Source data:

"""

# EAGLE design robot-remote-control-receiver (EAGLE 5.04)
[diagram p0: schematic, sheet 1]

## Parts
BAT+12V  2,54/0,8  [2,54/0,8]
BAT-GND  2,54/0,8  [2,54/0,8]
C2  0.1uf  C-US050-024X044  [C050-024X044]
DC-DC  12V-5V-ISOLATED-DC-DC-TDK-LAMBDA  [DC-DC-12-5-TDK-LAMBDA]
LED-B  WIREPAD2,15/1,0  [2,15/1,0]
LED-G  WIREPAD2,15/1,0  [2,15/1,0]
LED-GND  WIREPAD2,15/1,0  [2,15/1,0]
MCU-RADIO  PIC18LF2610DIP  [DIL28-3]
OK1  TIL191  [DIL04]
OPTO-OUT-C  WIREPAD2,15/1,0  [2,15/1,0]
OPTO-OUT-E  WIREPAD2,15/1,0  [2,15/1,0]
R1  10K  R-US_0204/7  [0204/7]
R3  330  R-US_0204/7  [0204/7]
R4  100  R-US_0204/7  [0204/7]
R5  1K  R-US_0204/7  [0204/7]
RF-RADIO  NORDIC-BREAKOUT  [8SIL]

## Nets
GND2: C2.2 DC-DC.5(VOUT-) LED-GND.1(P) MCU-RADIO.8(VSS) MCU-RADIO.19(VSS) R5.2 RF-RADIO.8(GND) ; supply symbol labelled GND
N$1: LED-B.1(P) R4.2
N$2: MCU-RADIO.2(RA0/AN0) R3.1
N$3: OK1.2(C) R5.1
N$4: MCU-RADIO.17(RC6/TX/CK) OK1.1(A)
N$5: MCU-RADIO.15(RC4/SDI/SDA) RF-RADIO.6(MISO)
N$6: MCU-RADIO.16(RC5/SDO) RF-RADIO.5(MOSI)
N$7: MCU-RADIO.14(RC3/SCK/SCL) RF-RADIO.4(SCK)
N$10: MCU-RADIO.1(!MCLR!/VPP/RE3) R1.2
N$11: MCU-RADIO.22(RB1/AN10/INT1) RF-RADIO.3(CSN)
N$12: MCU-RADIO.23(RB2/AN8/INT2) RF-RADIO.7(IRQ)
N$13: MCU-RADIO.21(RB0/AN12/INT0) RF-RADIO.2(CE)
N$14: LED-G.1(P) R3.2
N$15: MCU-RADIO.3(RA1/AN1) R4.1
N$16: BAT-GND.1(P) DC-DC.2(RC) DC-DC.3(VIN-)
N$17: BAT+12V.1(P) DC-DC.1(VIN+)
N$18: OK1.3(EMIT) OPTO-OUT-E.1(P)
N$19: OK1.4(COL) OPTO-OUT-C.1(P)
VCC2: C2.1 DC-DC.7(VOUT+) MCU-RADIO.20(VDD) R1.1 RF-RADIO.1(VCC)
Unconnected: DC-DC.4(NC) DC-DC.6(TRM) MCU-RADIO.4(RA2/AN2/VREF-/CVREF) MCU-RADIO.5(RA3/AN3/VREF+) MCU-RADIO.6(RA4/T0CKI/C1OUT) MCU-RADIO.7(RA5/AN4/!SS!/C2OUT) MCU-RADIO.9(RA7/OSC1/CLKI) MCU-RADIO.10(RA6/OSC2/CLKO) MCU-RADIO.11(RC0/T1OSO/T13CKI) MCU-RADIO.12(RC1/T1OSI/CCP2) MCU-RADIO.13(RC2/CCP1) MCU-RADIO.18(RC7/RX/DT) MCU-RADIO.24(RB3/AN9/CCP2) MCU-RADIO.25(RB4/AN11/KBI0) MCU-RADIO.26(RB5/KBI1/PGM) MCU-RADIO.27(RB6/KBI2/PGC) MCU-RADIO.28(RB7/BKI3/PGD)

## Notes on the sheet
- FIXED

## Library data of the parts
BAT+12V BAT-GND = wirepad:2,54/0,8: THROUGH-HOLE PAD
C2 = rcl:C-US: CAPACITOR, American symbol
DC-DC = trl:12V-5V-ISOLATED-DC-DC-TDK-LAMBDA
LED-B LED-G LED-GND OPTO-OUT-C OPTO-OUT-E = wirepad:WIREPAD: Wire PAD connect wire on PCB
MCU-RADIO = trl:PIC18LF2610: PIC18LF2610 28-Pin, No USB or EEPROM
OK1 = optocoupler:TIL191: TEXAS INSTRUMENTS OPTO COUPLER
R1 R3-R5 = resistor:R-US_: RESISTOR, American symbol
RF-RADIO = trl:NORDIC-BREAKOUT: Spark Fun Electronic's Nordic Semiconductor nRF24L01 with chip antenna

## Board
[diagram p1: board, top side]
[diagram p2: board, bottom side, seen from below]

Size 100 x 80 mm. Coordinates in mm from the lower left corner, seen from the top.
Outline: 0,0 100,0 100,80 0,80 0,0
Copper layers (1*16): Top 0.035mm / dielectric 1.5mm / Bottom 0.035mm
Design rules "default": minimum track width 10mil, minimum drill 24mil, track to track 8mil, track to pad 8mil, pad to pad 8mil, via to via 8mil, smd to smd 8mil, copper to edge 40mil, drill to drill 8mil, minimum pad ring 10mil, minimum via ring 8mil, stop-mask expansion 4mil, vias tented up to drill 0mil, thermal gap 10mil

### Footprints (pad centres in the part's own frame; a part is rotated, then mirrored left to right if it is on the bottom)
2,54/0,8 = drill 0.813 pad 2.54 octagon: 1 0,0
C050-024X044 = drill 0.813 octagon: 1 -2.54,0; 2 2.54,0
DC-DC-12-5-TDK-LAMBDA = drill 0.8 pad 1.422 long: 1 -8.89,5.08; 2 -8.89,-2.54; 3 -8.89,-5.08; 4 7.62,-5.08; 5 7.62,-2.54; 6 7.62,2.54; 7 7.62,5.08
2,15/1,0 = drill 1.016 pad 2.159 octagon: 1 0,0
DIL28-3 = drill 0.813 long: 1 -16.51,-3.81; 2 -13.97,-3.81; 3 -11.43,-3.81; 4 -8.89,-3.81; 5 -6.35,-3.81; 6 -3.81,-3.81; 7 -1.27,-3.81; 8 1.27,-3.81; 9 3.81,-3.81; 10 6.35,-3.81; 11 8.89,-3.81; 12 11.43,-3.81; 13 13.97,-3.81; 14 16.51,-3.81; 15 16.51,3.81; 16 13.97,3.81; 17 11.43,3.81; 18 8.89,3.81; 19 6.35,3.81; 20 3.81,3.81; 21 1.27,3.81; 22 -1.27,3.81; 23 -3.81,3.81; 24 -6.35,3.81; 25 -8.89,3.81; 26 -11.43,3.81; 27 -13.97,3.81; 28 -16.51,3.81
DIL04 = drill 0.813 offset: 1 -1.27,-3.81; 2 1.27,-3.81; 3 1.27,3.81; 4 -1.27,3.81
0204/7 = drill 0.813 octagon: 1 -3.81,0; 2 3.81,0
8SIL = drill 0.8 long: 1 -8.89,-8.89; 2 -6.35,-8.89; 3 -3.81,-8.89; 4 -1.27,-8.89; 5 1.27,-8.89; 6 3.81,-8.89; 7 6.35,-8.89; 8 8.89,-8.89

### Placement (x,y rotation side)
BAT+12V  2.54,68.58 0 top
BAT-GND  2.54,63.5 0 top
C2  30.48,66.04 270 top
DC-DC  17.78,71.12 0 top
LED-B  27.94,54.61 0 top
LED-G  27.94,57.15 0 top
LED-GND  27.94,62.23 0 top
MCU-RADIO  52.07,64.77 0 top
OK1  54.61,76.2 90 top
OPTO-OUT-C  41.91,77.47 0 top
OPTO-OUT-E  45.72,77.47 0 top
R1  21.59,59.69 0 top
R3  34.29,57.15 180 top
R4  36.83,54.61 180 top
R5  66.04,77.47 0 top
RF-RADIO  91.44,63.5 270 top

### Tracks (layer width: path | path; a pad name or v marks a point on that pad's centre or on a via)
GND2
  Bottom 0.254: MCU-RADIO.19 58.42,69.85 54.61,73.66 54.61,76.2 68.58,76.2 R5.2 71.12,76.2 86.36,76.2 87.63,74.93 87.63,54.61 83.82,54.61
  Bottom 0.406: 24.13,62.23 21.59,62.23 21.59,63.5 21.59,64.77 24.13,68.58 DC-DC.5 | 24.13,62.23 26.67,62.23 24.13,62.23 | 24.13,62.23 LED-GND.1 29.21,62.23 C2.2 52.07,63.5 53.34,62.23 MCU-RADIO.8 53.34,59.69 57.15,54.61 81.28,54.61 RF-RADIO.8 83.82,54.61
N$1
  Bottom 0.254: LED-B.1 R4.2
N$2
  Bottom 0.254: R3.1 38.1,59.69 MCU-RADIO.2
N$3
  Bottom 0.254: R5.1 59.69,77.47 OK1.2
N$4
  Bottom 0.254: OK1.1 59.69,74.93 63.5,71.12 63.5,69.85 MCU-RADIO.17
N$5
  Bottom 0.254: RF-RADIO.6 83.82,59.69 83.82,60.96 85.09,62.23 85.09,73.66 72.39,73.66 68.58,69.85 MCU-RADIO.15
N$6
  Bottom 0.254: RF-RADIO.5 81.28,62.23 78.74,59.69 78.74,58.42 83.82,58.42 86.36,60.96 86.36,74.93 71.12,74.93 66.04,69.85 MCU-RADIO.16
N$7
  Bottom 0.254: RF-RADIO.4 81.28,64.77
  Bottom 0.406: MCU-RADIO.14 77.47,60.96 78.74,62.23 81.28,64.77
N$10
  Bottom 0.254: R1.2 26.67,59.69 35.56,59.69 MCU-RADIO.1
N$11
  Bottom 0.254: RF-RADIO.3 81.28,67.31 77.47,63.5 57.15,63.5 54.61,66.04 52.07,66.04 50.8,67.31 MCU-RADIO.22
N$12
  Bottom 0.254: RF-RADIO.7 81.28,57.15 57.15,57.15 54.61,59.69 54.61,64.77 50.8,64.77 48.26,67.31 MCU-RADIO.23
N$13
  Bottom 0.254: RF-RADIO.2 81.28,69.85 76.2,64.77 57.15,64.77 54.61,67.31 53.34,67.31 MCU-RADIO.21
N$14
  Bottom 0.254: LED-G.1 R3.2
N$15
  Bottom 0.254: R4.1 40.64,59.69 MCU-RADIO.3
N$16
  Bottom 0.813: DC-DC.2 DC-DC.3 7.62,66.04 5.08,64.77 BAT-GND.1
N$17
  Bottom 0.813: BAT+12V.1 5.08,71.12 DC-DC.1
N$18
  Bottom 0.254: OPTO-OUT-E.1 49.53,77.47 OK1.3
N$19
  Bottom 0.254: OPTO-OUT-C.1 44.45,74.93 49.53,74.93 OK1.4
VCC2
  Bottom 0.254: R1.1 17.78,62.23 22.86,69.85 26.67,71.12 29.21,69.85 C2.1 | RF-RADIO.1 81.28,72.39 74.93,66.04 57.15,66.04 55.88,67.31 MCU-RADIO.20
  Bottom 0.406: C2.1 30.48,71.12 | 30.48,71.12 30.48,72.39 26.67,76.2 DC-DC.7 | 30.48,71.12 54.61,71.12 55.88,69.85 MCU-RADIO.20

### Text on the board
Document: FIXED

"""

What needs to be done: Retype the entries exactly from the first line, stopping after the line with "N$12: MCU-RADIO.23(RB2/AN8/INT2) RF-RADIO.7(IRQ)".

Expected answer:
# EAGLE design robot-remote-control-receiver (EAGLE 5.04)
[diagram p0: schematic, sheet 1]

## Parts
BAT+12V  2,54/0,8  [2,54/0,8]
BAT-GND  2,54/0,8  [2,54/0,8]
C2  0.1uf  C-US050-024X044  [C050-024X044]
DC-DC  12V-5V-ISOLATED-DC-DC-TDK-LAMBDA  [DC-DC-12-5-TDK-LAMBDA]
LED-B  WIREPAD2,15/1,0  [2,15/1,0]
LED-G  WIREPAD2,15/1,0  [2,15/1,0]
LED-GND  WIREPAD2,15/1,0  [2,15/1,0]
MCU-RADIO  PIC18LF2610DIP  [DIL28-3]
OK1  TIL191  [DIL04]
OPTO-OUT-C  WIREPAD2,15/1,0  [2,15/1,0]
OPTO-OUT-E  WIREPAD2,15/1,0  [2,15/1,0]
R1  10K  R-US_0204/7  [0204/7]
R3  330  R-US_0204/7  [0204/7]
R4  100  R-US_0204/7  [0204/7]
R5  1K  R-US_0204/7  [0204/7]
RF-RADIO  NORDIC-BREAKOUT  [8SIL]

## Nets
GND2: C2.2 DC-DC.5(VOUT-) LED-GND.1(P) MCU-RADIO.8(VSS) MCU-RADIO.19(VSS) R5.2 RF-RADIO.8(GND) ; supply symbol labelled GND
N$1: LED-B.1(P) R4.2
N$2: MCU-RADIO.2(RA0/AN0) R3.1
N$3: OK1.2(C) R5.1
N$4: MCU-RADIO.17(RC6/TX/CK) OK1.1(A)
N$5: MCU-RADIO.15(RC4/SDI/SDA) RF-RADIO.6(MISO)
N$6: MCU-RADIO.16(RC5/SDO) RF-RADIO.5(MOSI)
N$7: MCU-RADIO.14(RC3/SCK/SCL) RF-RADIO.4(SCK)
N$10: MCU-RADIO.1(!MCLR!/VPP/RE3) R1.2
N$11: MCU-RADIO.22(RB1/AN10/INT1) RF-RADIO.3(CSN)
N$12: MCU-RADIO.23(RB2/AN8/INT2) RF-RADIO.7(IRQ)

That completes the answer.